Na dann will ich mal versuchen ein WOBBLER zugewinnen.

Gewässer: Tollensesee M_V und Anklam Hafen 

Zielfisch: Hecht und Barsch

Würde mich freuen den Wobbler zutesten den ihr mir zuschickt. 

MFG


----------



## Barschl (6. März 2008)

*AW: Peter Biedron Wobbler zum Testen gewinnen!!*

Klar bin dabei,würde es mal in der Elbe bei Dresden Testen.


----------



## Aal162 (6. März 2008)

*AW: Peter Biedron Wobbler zum Testen gewinnen!!*

Hallo, auch ich möchte gerne die *Peter* *Biedron Wobbler *testen.
Ich gehe als Jugerndward mit meinen Kiddis an den Kanälen im Ruhrgebiet, DO- Emskanal, Dattel-Hamm-Kanal, Wesel-Dattel-Kanal, gerade der Do-Ems-Kanal ist in den letzten Jahren zu einem guten Hechtgewässer geworden. Testen werd ich aber nicht allein , wenn sollen die Kidds auch testen , man kann sich ja abwechseln.


----------



## siegbert (6. März 2008)

*AW: Peter Biedron Wobbler zum Testen gewinnen!!*

Na dann will ich mich auch mal melden,
Gewässer: Weser,direkt vor der Haustür(fängt bei uns an),Werra,Fulda, Ostsee (DK)
Zielfisch: Hecht,Barsch,Zander und Dorsch
Wenn die schonzeit vorbei ist dann kann es  sofort losgehen vielleicht mit einen dieser Top Wobbler .
gruß und Petri Heil

Siegfried


----------



## Gelöschtes Mitglied 8073 (6. März 2008)

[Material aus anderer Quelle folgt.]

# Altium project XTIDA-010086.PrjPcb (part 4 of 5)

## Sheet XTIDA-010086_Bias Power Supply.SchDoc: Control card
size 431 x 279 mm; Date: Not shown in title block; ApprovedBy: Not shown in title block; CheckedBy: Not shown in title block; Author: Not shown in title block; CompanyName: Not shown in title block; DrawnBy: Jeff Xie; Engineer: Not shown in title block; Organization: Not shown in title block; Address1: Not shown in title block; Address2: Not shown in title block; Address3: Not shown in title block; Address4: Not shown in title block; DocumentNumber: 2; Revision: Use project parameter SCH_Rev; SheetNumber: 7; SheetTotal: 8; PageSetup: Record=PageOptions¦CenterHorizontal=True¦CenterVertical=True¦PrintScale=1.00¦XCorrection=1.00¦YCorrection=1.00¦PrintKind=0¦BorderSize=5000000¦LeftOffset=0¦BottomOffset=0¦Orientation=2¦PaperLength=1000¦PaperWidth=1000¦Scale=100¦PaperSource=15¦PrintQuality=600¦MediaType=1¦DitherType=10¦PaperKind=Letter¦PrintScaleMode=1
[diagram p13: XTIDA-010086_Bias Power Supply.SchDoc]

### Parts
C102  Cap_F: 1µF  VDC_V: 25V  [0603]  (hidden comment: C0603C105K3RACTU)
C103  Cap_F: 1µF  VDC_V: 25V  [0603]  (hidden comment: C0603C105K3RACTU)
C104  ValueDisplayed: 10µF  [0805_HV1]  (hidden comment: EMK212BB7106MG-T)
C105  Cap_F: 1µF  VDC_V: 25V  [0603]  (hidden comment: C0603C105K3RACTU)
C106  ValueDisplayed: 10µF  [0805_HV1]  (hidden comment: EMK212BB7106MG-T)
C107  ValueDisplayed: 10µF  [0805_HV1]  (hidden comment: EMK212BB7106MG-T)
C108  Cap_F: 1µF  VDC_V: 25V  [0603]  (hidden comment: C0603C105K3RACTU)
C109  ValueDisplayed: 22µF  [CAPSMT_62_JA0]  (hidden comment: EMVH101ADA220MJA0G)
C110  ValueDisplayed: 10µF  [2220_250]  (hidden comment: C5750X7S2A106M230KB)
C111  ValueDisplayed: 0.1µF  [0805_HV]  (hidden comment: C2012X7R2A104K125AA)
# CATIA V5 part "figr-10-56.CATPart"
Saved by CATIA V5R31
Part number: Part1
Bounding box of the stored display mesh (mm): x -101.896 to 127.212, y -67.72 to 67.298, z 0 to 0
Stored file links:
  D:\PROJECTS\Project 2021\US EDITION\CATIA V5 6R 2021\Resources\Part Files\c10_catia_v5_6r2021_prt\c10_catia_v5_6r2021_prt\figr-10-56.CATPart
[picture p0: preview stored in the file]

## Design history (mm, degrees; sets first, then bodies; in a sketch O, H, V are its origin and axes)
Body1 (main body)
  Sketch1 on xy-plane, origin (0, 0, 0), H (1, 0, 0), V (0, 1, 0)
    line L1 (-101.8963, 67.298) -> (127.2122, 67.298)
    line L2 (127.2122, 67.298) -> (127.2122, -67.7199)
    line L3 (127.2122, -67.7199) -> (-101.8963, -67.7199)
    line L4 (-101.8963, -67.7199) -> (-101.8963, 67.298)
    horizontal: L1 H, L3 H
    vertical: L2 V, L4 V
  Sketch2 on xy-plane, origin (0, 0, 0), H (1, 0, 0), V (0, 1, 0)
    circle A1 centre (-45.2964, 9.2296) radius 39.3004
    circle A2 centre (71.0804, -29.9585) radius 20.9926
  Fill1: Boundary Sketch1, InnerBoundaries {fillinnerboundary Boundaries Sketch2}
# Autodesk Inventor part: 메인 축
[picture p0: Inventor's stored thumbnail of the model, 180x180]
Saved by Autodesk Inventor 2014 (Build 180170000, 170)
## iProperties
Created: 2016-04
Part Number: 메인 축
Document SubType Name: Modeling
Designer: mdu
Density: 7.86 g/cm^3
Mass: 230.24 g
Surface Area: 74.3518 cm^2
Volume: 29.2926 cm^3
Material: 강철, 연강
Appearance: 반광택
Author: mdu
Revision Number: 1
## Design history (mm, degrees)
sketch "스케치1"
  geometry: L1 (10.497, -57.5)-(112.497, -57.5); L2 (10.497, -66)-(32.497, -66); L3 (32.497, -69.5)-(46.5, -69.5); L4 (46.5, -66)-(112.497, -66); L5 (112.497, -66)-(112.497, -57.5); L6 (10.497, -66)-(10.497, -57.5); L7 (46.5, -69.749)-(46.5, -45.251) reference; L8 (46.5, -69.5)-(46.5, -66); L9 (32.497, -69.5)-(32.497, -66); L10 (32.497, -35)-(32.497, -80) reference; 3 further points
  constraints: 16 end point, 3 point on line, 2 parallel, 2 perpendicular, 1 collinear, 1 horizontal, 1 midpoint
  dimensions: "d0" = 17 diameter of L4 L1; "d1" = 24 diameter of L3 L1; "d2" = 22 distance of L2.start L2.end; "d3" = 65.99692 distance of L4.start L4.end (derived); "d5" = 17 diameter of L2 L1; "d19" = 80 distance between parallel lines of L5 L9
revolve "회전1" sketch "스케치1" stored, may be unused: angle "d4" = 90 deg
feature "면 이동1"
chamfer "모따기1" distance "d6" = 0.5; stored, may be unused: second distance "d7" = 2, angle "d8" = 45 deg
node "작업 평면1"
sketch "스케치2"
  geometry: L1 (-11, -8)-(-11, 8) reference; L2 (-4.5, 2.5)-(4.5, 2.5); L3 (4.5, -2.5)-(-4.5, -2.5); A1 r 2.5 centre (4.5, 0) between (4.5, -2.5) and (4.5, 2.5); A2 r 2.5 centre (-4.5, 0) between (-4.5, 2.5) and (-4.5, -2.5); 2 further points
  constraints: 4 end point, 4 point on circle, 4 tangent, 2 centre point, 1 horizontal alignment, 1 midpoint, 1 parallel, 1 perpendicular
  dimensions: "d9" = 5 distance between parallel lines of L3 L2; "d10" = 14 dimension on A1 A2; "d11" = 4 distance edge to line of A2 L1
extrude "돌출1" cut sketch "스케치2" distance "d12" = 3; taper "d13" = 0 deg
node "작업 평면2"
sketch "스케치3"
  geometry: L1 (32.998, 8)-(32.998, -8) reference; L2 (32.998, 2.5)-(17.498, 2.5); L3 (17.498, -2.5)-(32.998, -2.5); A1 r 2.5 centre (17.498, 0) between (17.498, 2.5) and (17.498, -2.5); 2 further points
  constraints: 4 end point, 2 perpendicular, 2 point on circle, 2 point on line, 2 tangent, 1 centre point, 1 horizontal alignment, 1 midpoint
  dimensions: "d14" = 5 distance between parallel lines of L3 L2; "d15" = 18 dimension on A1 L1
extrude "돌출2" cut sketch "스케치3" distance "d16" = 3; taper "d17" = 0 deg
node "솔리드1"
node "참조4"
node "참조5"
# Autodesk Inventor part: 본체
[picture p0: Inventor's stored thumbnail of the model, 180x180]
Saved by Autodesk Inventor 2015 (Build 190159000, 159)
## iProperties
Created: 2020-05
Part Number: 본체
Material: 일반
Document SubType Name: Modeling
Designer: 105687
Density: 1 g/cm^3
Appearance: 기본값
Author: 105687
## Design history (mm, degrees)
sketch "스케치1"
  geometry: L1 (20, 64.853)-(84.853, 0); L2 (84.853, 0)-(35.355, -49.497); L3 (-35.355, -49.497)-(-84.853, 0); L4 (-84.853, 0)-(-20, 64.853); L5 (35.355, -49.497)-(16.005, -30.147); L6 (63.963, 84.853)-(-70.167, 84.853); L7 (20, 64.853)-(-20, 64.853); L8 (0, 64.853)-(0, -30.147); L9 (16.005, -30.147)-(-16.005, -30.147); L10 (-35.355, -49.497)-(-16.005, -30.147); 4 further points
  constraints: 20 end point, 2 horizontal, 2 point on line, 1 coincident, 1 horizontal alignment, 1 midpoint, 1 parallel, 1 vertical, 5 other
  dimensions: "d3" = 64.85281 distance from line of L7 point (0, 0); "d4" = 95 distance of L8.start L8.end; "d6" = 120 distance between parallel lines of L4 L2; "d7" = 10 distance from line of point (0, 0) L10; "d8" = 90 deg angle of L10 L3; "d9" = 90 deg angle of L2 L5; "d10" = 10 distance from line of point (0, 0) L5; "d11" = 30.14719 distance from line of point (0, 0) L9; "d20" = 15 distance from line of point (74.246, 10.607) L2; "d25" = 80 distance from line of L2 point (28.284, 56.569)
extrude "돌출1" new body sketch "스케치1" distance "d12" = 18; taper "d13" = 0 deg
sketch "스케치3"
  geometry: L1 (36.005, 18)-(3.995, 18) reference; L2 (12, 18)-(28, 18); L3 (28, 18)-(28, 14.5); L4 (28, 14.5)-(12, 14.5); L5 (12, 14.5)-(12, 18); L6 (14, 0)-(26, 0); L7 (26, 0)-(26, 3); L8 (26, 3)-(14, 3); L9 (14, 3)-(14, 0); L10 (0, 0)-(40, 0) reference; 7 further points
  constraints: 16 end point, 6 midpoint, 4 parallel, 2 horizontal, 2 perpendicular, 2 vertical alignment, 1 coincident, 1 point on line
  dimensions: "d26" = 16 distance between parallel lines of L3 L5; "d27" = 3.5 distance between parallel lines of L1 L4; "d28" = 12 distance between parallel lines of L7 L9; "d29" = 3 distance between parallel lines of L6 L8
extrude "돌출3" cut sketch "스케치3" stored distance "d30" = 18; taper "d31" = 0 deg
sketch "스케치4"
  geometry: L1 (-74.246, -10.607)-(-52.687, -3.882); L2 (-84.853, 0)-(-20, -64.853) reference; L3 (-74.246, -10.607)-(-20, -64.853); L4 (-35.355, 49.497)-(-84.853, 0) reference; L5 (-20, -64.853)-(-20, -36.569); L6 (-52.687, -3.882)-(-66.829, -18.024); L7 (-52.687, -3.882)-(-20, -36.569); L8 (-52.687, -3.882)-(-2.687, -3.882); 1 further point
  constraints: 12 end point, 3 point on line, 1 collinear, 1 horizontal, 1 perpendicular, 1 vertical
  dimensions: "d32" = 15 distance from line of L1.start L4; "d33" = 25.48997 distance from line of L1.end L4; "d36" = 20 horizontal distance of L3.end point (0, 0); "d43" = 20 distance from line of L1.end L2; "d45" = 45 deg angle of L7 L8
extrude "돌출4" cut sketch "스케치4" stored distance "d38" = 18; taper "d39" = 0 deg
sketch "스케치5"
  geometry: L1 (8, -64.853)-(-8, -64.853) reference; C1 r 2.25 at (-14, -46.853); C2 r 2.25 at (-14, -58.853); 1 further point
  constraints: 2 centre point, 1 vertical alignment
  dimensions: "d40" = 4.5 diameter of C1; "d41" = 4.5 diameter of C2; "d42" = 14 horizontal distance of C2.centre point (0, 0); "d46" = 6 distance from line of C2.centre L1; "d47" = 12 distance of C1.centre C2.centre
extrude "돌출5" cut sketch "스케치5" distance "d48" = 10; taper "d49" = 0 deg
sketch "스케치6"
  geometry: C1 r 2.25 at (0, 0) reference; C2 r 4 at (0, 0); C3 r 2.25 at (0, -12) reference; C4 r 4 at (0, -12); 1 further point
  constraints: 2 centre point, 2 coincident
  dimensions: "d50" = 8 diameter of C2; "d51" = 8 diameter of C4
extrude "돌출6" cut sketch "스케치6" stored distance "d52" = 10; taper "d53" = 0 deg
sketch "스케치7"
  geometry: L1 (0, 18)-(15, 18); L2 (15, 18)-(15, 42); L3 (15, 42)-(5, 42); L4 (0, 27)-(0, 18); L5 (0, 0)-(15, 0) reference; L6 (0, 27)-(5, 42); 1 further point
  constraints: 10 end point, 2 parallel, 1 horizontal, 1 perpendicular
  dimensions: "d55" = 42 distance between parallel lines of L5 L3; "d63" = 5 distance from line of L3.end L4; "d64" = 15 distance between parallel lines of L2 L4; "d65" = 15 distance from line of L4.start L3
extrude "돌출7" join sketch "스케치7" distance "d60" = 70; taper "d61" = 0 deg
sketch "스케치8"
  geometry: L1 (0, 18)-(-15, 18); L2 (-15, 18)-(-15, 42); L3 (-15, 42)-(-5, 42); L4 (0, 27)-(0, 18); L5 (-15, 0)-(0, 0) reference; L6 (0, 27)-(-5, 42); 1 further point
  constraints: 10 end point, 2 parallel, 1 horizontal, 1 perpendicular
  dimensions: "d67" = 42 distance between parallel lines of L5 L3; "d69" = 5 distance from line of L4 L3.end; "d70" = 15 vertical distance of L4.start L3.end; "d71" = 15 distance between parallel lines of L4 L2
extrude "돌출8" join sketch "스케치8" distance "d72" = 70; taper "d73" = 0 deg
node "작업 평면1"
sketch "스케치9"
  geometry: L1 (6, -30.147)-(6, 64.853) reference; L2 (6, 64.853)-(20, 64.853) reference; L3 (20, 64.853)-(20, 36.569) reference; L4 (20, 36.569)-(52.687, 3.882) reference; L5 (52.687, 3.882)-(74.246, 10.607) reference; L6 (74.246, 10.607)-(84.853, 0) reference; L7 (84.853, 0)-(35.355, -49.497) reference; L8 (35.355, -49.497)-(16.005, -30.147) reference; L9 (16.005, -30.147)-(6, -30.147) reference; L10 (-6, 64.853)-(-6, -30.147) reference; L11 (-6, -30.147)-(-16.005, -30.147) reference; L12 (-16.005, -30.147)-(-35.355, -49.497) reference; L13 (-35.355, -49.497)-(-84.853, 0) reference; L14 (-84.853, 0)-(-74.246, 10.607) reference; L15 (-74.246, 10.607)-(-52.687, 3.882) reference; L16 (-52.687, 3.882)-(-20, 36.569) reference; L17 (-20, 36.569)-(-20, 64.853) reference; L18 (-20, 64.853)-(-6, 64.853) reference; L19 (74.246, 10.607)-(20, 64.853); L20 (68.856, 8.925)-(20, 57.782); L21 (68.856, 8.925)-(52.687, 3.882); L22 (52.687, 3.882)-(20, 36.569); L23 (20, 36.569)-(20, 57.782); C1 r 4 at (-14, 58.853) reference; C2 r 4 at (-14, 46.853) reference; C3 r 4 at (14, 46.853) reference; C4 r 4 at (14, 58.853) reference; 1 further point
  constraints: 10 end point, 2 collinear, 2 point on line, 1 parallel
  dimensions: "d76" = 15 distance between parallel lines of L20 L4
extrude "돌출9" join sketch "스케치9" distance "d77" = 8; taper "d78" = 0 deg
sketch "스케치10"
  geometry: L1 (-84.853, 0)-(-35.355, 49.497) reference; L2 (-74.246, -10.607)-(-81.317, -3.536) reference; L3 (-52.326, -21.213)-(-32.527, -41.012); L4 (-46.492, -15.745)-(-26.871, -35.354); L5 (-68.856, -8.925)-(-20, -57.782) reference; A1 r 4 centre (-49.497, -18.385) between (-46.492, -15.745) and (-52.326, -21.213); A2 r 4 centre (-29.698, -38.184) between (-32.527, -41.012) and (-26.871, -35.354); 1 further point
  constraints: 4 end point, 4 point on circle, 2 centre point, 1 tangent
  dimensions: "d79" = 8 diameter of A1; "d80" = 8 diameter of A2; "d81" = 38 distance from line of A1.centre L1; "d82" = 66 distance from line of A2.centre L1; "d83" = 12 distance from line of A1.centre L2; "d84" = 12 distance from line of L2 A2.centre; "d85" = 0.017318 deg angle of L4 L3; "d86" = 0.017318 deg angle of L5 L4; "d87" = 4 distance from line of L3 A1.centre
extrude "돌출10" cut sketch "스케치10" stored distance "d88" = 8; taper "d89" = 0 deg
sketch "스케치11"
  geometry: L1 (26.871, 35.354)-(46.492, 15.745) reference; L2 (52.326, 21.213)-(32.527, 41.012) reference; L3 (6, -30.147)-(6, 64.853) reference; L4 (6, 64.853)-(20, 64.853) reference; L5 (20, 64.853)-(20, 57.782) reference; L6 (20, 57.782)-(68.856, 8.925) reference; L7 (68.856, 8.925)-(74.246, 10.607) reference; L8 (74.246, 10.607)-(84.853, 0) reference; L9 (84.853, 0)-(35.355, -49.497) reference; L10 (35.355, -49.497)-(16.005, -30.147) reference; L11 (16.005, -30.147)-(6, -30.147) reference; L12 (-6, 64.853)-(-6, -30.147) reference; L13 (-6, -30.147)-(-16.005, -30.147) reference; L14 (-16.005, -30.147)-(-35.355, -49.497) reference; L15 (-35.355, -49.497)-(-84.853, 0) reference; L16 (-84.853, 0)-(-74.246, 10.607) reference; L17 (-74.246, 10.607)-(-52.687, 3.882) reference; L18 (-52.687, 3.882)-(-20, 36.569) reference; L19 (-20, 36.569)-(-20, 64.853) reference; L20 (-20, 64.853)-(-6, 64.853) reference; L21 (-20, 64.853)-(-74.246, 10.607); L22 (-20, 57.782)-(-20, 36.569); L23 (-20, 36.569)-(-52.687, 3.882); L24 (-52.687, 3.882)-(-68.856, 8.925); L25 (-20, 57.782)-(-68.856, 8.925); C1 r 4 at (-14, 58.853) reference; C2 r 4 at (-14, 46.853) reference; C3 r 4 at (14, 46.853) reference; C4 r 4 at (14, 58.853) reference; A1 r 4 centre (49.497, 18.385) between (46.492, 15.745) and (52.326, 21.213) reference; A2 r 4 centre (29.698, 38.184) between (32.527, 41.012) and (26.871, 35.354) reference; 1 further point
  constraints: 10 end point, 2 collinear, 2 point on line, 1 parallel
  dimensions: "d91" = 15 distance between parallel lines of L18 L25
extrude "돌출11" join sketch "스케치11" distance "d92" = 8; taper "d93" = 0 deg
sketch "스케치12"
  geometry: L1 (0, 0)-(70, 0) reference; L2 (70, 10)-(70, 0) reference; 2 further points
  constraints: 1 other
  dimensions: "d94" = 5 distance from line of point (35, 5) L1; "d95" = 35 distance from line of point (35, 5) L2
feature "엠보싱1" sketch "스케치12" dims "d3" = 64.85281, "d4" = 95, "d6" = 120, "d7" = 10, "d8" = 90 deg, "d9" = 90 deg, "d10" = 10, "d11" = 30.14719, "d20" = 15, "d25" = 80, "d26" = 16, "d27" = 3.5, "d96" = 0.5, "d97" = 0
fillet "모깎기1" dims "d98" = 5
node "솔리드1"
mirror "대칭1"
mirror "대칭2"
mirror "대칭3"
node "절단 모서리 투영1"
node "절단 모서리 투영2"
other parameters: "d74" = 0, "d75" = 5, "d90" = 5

*AW: Peter Biedron Wobbler zum Testen gewinnen!!*

bewerbe mich hiermit auch
einsatzgebiet-baggersee in ND
wann-ab 1.5
wie-schleppen und wobbeln


so, nun hoffe ich,das ich diesesmal etwas mehr glück habe bei der verlosung....


gruß
stefan


----------



## el pescado (6. März 2008)

*AW: Peter Biedron Wobbler zum Testen gewinnen!!*

Hallo allerseits

Nun bewerbe ich mich auch mal für die tollen Wobbler. Bin begeisterter Wobbler-User und möchte dieses Produkt auch unbedingt mal anwenden.

Meine Gewässer: Neckar bei Esslingen
                       Donau bei Ulm und Elchingen
                       Autobahnsee in Elchingen
                       Speichersee in München

Zielfische: Hecht, Zander, Barsch


Viele Grüße und Petri Heil


----------



## Ammersee-angler (6. März 2008)

*AW: Peter Biedron Wobbler zum Testen gewinnen!!*

Hi,

ich bin auch wieder dabei


Gewässer: Ammersee (3.größter See in Bayern)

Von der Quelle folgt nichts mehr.